Records from a dataset:
----------
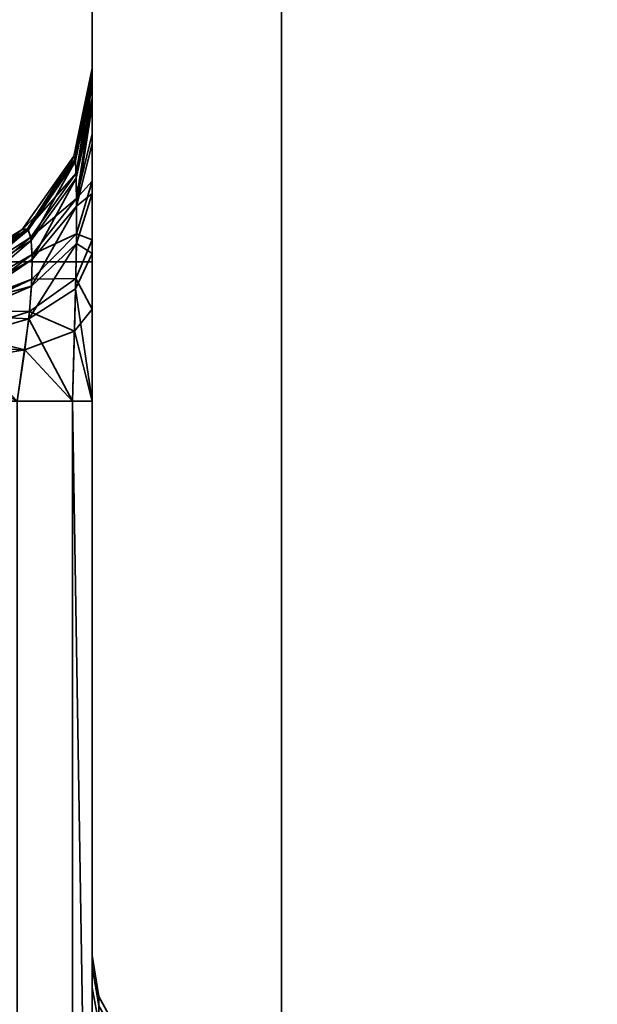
# Model space of a CAD drawing. Header units: millimetres. Extents: x -603 to 3703, y -120 to 193.
# Tile 646 of 656: x 2485.43 to 2490, y -14.43 to -6.63. Entities that reach past the tile are written whole.
import ezdxf

# ---------------------------------------------------------------- set-up
doc = ezdxf.new("R2010")
doc.units = ezdxf.units.MM
doc.layers.add('151', color=7, linetype='Continuous', true_color=0xffffff)

# ---------------------------------------------------------------- blocks, each defined once
blk = doc.blocks.new('UG_SURFACE_003')
at = {"layer": '151', "color": 252, "linetype": 'Continuous', "lineweight": 35}
for points in [[(3702.5001, -35, 2213.0001), (3702.5001, 174.4, 2213.0001), (2297.4999, 174.4, 2213.0001), (2297.4999, -35, 2213.0001)], [(2447.5, -35, 2063), (2447.5, 174.4, 2063), (3552.5, 174.4, 2063), (3552.5, -35, 2063)]]:
    blk.add_3dface(points, dxfattribs=at)
blk = doc.blocks.new('UG_SURFACE_164')
at = {"layer": '151', "color": 252, "linetype": 'Continuous', "lineweight": 35}
for points in [[(2486.0001, -46.92, 2022.5), (2486.0001, 14.42, 2022.5), (2486.0001, 14.42, -7), (2486.0001, -46.92, -7)], [(2486.0001, 14.42, 2022.5), (2486.0001, -46.92, 2022.5), (2487.5, -46.92, 2020.9999), (2487.5, 14.42, 2020.9999)], [(2487.5, 14.42, -7), (2487.5, -46.92, -7), (2486.0001, -46.92, -7), (2486.0001, 14.42, -7)], [(2487.5, -46.92, 2020.9999), (2487.5, -46.92, -7), (2487.5, 14.42, -7), (2487.5, 14.42, 2020.9999)]]:
    blk.add_3dface(points, dxfattribs=at)
blk = doc.blocks.new('UG_SURFACE_165')
at = {"layer": '151', "color": 252, "linetype": 'Continuous', "lineweight": 35}
for points in [[(2486.0001, -46.92, 2022.5), (2486.0001, 14.42, 2022.5), (2486.0001, 14.42, -7), (2486.0001, -46.92, -7)], [(2486.0001, 14.42, 2022.5), (2486.0001, -46.92, 2022.5), (2487.5, -46.92, 2020.9999), (2487.5, 14.42, 2020.9999)], [(2487.5, 14.42, -7), (2487.5, -46.92, -7), (2486.0001, -46.92, -7), (2486.0001, 14.42, -7)], [(2487.5, -46.92, 2020.9999), (2487.5, -46.92, -7), (2487.5, 14.42, -7), (2487.5, 14.42, 2020.9999)]]:
    blk.add_3dface(points, dxfattribs=at)
blk = doc.blocks.new('UG_SURFACE_166')
at = {"layer": '151', "color": 252, "linetype": 'Continuous', "lineweight": 35}
for points in [[(2486.0001, -46.92, 2022.5), (3513.9999, -46.92, 2022.5), (3513.9999, 14.42, 2022.5), (2486.0001, 14.42, 2022.5)], [(2486.0001, -46.92, 2022.5), (2486.0001, 14.42, 2022.5), (2487.5, 14.42, 2020.9999), (2487.5, -46.92, 2020.9999)], [(2487.5, -46.92, 2020.9999), (2487.5, 14.42, 2020.9999), (3512.5, 14.42, 2020.9999), (3512.5, -46.92, 2020.9999)]]:
    blk.add_3dface(points, dxfattribs=at)
blk = doc.blocks.new('UG_SURFACE_168')
at = {"layer": '151', "color": 252, "linetype": 'Continuous', "lineweight": 35}
for points in [[(2486.0001, -8.5515, 996), (2485.25, -8.5515, 996), (2485.25, -2, 1014.0001), (2486.0001, -2, 1014.0001)], [(2486.0001, -8.5515, 996), (2486.0001, -2, 1014.0001), (2486.0001, -14.0411, 1000.2059), (2486.0001, -14.1267, 999.3913)], [(2486.0001, -14.2942, 1000.9848), (2486.0001, -2, 1014.0001), (2486.0001, -2, 1014.25), (2486.0001, -3.6264, 1014.5735)], [(2486.0001, -14.2942, 1000.9848), (2486.0001, -14.0411, 1000.2059), (2486.0001, -2, 1014.0001)], [(2485.25, -3.2878, 1169.5381), (2485.25, -8.5515, 1184), (2486.0001, -8.5515, 1184), (2486.0001, -3.1509, 1169.1622)], [(2486.0001, -3.1509, 1169.1622), (2486.0001, -15.1989, 1178.2006), (2486.0001, -16, 1178.0303), (2486.0001, -16.6267, 1173.3913)], [(2486.0001, -3.1509, 1169.1622), (2486.0001, -14.1267, 1179.3914), (2486.0001, -14.5362, 1178.682)], [(2486.0001, -16.6267, 1173.3913), (2486.0001, -17.0362, 1172.682), (2486.0001, -3.1509, 1169.1622)], [(2486.0001, -3.1509, 1169.1622), (2486.0001, -8.5515, 1184), (2486.0001, -14.0411, 1180.2059), (2486.0001, -14.1267, 1179.3914)], [(2486.0001, -17.0362, 1172.682), (2486.0001, -17.6989, 1172.2006), (2486.0001, -19.2197, 1169.1622), (2486.0001, -3.1509, 1169.1622)], [(2486.0001, -14.5362, 1178.682), (2486.0001, -15.1989, 1178.2006), (2486.0001, -3.1509, 1169.1622)], [(2486.0001, -3.1509, 1169.1622), (2486.0001, -8.9258, 1166.2003), (2486.0001, -8.3774, 1165.9877)], [(2486.0001, -3.1509, 1169.1622), (2486.0001, -19.2197, 1169.1622), (2486.0001, -19.2197, 1166.2939), (2486.0001, -9.6522, 1166.2939)], [(2486.0001, -9.6522, 1166.2939), (2486.0001, -8.9258, 1166.2003), (2486.0001, -3.1509, 1169.1622)], [(2486.0001, -8.3774, 1165.9877), (2486.0001, -5.0052, 1164.5052), (2486.0001, -3.6264, 1165.4265), (2486.0001, -3.1509, 1169.1622)], [(2486.0001, -3.6264, 1014.5735), (2486.0001, -5.0052, 1015.4948), (2486.0001, -14.8422, 1001.5935), (2486.0001, -14.2942, 1000.9848)], [(2486.0001, -5.0052, 1164.5052), (2486.0001, -7.9123, 1165.6749), (2486.0001, -7.5372, 1165.2786)], [(2486.0001, -5.0052, 1164.5052), (2486.0001, -8.3774, 1165.9877), (2486.0001, -7.9123, 1165.6749)], [(2486.0001, -5.0052, 1015.4948), (2486.0001, -7.6176, 1014.6208), (2486.0001, -8.0111, 1014.2455)], [(2486.0001, -7.5372, 1165.2786), (2486.0001, -5.9265, 1163.1263), (2486.0001, -5.0052, 1164.5052)], [(2486.0001, -5.0052, 1015.4948), (2486.0001, -7.3126, 1015.0768), (2486.0001, -7.6176, 1014.6208)], [(2486.0001, -5.0052, 1015.4948), (2486.0001, -7.1083, 1015.606), (2486.0001, -7.3126, 1015.0768)], [(2486.0001, -5.0052, 1015.4948), (2486.0001, -5.9265, 1016.8736), (2486.0001, -7.0196, 1016.2971), (2486.0001, -7.1083, 1015.606)], [(2486.0001, -8.0111, 1014.2455), (2486.0001, -17.3422, 1007.5935), (2486.0001, -16.7942, 1006.9848), (2486.0001, -5.0052, 1015.4948)], [(2486.0001, -14.8422, 1001.5935), (2486.0001, -5.0052, 1015.4948), (2486.0001, -16.5411, 1006.2059), (2486.0001, -16.6267, 1005.3914)], [(2486.0001, -16.7942, 1006.9848), (2486.0001, -16.5411, 1006.2059), (2486.0001, -5.0052, 1015.4948)], [(2486.0001, -7.0196, 1016.2971), (2486.0001, -5.9265, 1016.8736), (2486.0001, -6.25, 1018.5)], [(2486.0001, -5.9265, 1163.1263), (2486.0001, -7.2576, 1164.8109), (2486.0001, -7.0814, 1164.2821)], [(2486.0001, -5.9265, 1163.1263), (2486.0001, -7.5372, 1165.2786), (2486.0001, -7.2576, 1164.8109)], [(2486.0001, -6.25, 1161.5), (2486.0001, -5.9265, 1163.1263), (2486.0001, -7.0814, 1164.2821), (2486.0001, -7.0196, 1163.7028)], [(2486.0001, -6.25, 1018.5), (2486.0001, -6.25, 1161.5), (2486.0001, -7.0196, 1163.7028), (2486.0001, -7.0196, 1016.2971)], [(2486.0001, -7.0196, 1016.2971), (2486.0001, -7.0196, 1163.7028), (2485.8561, -7.7148, 1163.7028), (2485.8561, -7.7148, 1016.2971)], [(2485.8673, -7.7346, 1164.1397), (2485.8561, -7.7148, 1163.7028), (2486.0001, -7.0196, 1163.7028)], [(2486.0001, -7.0196, 1016.2971), (2485.8561, -7.7148, 1016.2971), (2485.8689, -7.7506, 1015.7757)], [(2486.0001, -7.0196, 1163.7028), (2486.0001, -7.0814, 1164.2821), (2485.8673, -7.7346, 1164.1397)], [(2485.8742, -7.8495, 1164.5392), (2485.8673, -7.7346, 1164.1397), (2486.0001, -7.0814, 1164.2821)], [(2485.8689, -7.7506, 1015.7757), (2486.0001, -7.1083, 1015.606), (2486.0001, -7.0196, 1016.2971)], [(2486.0001, -7.0814, 1164.2821), (2486.0001, -7.2576, 1164.8109), (2485.8742, -7.8495, 1164.5392)], [(2486.0001, -7.1083, 1015.606), (2485.8689, -7.7506, 1015.7757), (2485.8754, -7.888, 1015.3762)], [(2485.8754, -7.888, 1015.3762), (2486.0001, -7.3126, 1015.0768), (2486.0001, -7.1083, 1015.606)], [(2485.8773, -8.0504, 1164.8901), (2485.8742, -7.8495, 1164.5392), (2486.0001, -7.2576, 1164.8109)], [(2486.0001, -7.3126, 1015.0768), (2485.8754, -7.888, 1015.3762), (2485.8775, -8.1097, 1015.0352)], [(2486.0001, -7.2576, 1164.8109), (2486.0001, -7.5372, 1165.2786), (2485.8773, -8.0504, 1164.8901)], [(2485.8775, -8.1097, 1015.0352), (2486.0001, -7.6176, 1014.6208), (2486.0001, -7.3126, 1015.0768)], [(2485.8773, -8.0504, 1164.8901), (2486.0001, -7.5372, 1165.2786), (2486.0001, -7.9123, 1165.6749)], [(2486.0001, -8.0111, 1014.2455), (2486.0001, -7.6176, 1014.6208), (2485.8775, -8.1097, 1015.0352)], [(2485.8561, -7.7148, 1016.2971), (2485.8561, -7.7148, 1163.7028), (2485.4476, -8.2956, 1163.7028), (2485.4476, -8.2956, 1016.2971)], [(2485.4891, -8.2888, 1164.0191), (2485.4476, -8.2956, 1163.7028), (2485.8561, -7.7148, 1163.7028)], [(2485.8561, -7.7148, 1016.2971), (2485.4476, -8.2956, 1016.2971), (2485.4956, -8.2967, 1015.9199)], [(2485.8561, -7.7148, 1163.7028), (2485.8673, -7.7346, 1164.1397), (2485.4891, -8.2888, 1164.0191)], [(2485.4891, -8.2888, 1164.0191), (2485.8673, -7.7346, 1164.1397), (2485.8742, -7.8495, 1164.5392)], [(2485.4956, -8.2967, 1015.9199), (2485.8689, -7.7506, 1015.7757), (2485.8561, -7.7148, 1016.2971)], [(2485.8689, -7.7506, 1015.7757), (2485.4956, -8.2967, 1015.9199), (2485.5192, -8.3815, 1015.633)], [(2485.5192, -8.3815, 1015.633), (2485.8754, -7.888, 1015.3762), (2485.8689, -7.7506, 1015.7757)], [(2485.8742, -7.8495, 1164.5392), (2485.5151, -8.3564, 1164.3065), (2485.4891, -8.2888, 1164.0191)], [(2485.5151, -8.3564, 1164.3065), (2485.8742, -7.8495, 1164.5392), (2485.8773, -8.0504, 1164.8901)], [(2485.8754, -7.888, 1015.3762), (2485.5192, -8.3815, 1015.633), (2485.527, -8.5329, 1015.3915)], [(2485.527, -8.5329, 1015.3915), (2485.8775, -8.1097, 1015.0352), (2485.8754, -7.888, 1015.3762)], [(2486.0001, -7.9123, 1165.6749), (2485.8763, -8.3301, 1165.1821), (2485.8773, -8.0504, 1164.8901)], [(2485.8763, -8.3301, 1165.1821), (2486.0001, -7.9123, 1165.6749), (2486.0001, -8.3774, 1165.9877)], [(2486.0001, -8.4838, 1013.9598), (2486.0001, -8.0111, 1014.2455), (2485.8756, -8.4046, 1014.7604)], [(2485.8775, -8.1097, 1015.0352), (2485.8756, -8.4046, 1014.7604), (2486.0001, -8.0111, 1014.2455)], [(2486.0001, -18.0905, 1007.9267), (2486.0001, -17.3422, 1007.5935), (2486.0001, -8.0111, 1014.2455), (2486.0001, -8.4838, 1013.9598)], [(2485.8773, -8.0504, 1164.8901), (2485.5266, -8.4916, 1164.5559), (2485.5151, -8.3564, 1164.3065)], [(2485.5266, -8.4916, 1164.5559), (2485.8773, -8.0504, 1164.8901), (2485.8763, -8.3301, 1165.1821)], [(2485.5201, -8.7423, 1015.202), (2485.8756, -8.4046, 1014.7604), (2485.8775, -8.1097, 1015.0352)], [(2485.8775, -8.1097, 1015.0352), (2485.527, -8.5329, 1015.3915), (2485.5201, -8.7423, 1015.202)], [(2485.4476, -8.2956, 1016.2971), (2485.4476, -8.2956, 1163.7028), (2484.8423, -8.6664, 1163.7028), (2484.8423, -8.6664, 1016.2971)], [(2484.9231, -8.6598, 1163.9383), (2484.8423, -8.6664, 1163.7028), (2485.4476, -8.2956, 1163.7028)], [(2485.4476, -8.2956, 1016.2971), (2484.8423, -8.6664, 1016.2971), (2484.9358, -8.665, 1016.0171)], [(2485.4476, -8.2956, 1163.7028), (2485.4891, -8.2888, 1164.0191), (2484.9231, -8.6598, 1163.9383)], [(2484.9646, -8.6966, 1164.1065), (2484.9231, -8.6598, 1163.9383), (2485.4891, -8.2888, 1164.0191)], [(2484.9358, -8.665, 1016.0171), (2485.4956, -8.2967, 1015.9199), (2485.4476, -8.2956, 1016.2971)], [(2485.4956, -8.2967, 1015.9199), (2484.9358, -8.665, 1016.0171), (2484.9632, -8.699, 1015.895)], [(2485.4956, -8.2967, 1015.9199), (2484.9632, -8.699, 1015.895), (2484.982, -8.7226, 1015.8105)], [(2484.9744, -8.7054, 1164.1463), (2484.9646, -8.6966, 1164.1065), (2485.4891, -8.2888, 1164.0191)], [(2485.4891, -8.2888, 1164.0191), (2485.5151, -8.3564, 1164.3065), (2484.9744, -8.7054, 1164.1463)], [(2484.982, -8.7226, 1015.8105), (2485.5192, -8.3815, 1015.633), (2485.4956, -8.2967, 1015.9199)], [(2485.523, -8.6889, 1164.7589), (2485.8763, -8.3301, 1165.1821), (2485.8713, -8.6828, 1165.4041)], [(2485.8763, -8.3301, 1165.1821), (2485.523, -8.6889, 1164.7589), (2485.5266, -8.4916, 1164.5559)], [(2486.0001, -8.3774, 1165.9877), (2485.8713, -8.6828, 1165.4041), (2485.8763, -8.3301, 1165.1821)], [(2484.9966, -8.799, 1164.3232), (2484.9744, -8.7054, 1164.1463), (2485.5151, -8.3564, 1164.3065)], [(2485.5192, -8.3815, 1015.633), (2484.982, -8.7226, 1015.8105), (2484.9977, -8.8279, 1015.6399)], [(2485.5151, -8.3564, 1164.3065), (2485.5266, -8.4916, 1164.5559), (2484.9966, -8.799, 1164.3232)], [(2484.9977, -8.8279, 1015.6399), (2485.527, -8.5329, 1015.3915), (2485.5192, -8.3815, 1015.633)], [(2485.4984, -9.0021, 1015.0713), (2485.8696, -8.7638, 1014.5602), (2485.8756, -8.4046, 1014.7604)], [(2485.8756, -8.4046, 1014.7604), (2485.5201, -8.7423, 1015.202), (2485.4984, -9.0021, 1015.0713)], [(2485.8756, -8.4046, 1014.7604), (2485.8696, -8.7638, 1014.5602), (2486.0001, -8.4838, 1013.9598)], [(2485.8713, -8.6828, 1165.4041), (2486.0001, -8.3774, 1165.9877), (2486.0001, -8.9258, 1166.2003)], [(2485.5266, -8.4916, 1164.5559), (2485.523, -8.6889, 1164.7589), (2484.992, -8.8909, 1164.4171)], [(2484.992, -8.8909, 1164.4171), (2484.9966, -8.799, 1164.3232), (2485.5266, -8.4916, 1164.5559)], [(2486.0001, -9.6522, 1013.7061), (2486.0001, -8.4838, 1013.9598), (2485.8696, -8.7638, 1014.5602)], [(2486.0001, -18.0905, 1007.9267), (2486.0001, -8.4838, 1013.9598), (2486.0001, -9.6522, 1013.7061)], [(2485.527, -8.5329, 1015.3915), (2484.9977, -8.8279, 1015.6399), (2484.9918, -8.8912, 1015.5834)], [(2484.9918, -8.8912, 1015.5834), (2485.5201, -8.7423, 1015.202), (2485.527, -8.5329, 1015.3915)], [(2485.25, -17.25, 996), (2485.25, -8.5515, 996), (2486.0001, -8.5515, 996), (2486.0001, -19.2197, 996)], [(2486.0001, -19.2197, 1184), (2486.0001, -8.5515, 1184), (2485.25, -8.5515, 1184), (2485.25, -17.25, 1184)], [(2486.0001, -8.5515, 1184), (2486.0001, -14.8422, 1181.5935), (2486.0001, -14.2942, 1180.9849)], [(2486.0001, -8.5515, 1184), (2486.0001, -19.2197, 1184), (2486.0001, -16.4095, 1181.9266), (2486.0001, -15.5905, 1181.9266)], [(2486.0001, -14.2942, 1180.9849), (2486.0001, -14.0411, 1180.2059), (2486.0001, -8.5515, 1184)], [(2486.0001, -15.5905, 1181.9266), (2486.0001, -14.8422, 1181.5935), (2486.0001, -8.5515, 1184)], [(2486.0001, -8.5515, 996), (2486.0001, -14.5362, 998.682), (2486.0001, -15.1989, 998.2006)], [(2486.0001, -14.1267, 999.3913), (2486.0001, -14.5362, 998.682), (2486.0001, -8.5515, 996)], [(2486.0001, -15.1989, 998.2006), (2486.0001, -16, 998.0303), (2486.0001, -19.2197, 996), (2486.0001, -8.5515, 996)], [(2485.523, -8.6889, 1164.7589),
----------
Your instructions: If a line in the records includes the string "ezdxf", copy it.

Answer to this task:
import ezdxf
doc = ezdxf.new("R2010")
doc.units = ezdxf.units.MM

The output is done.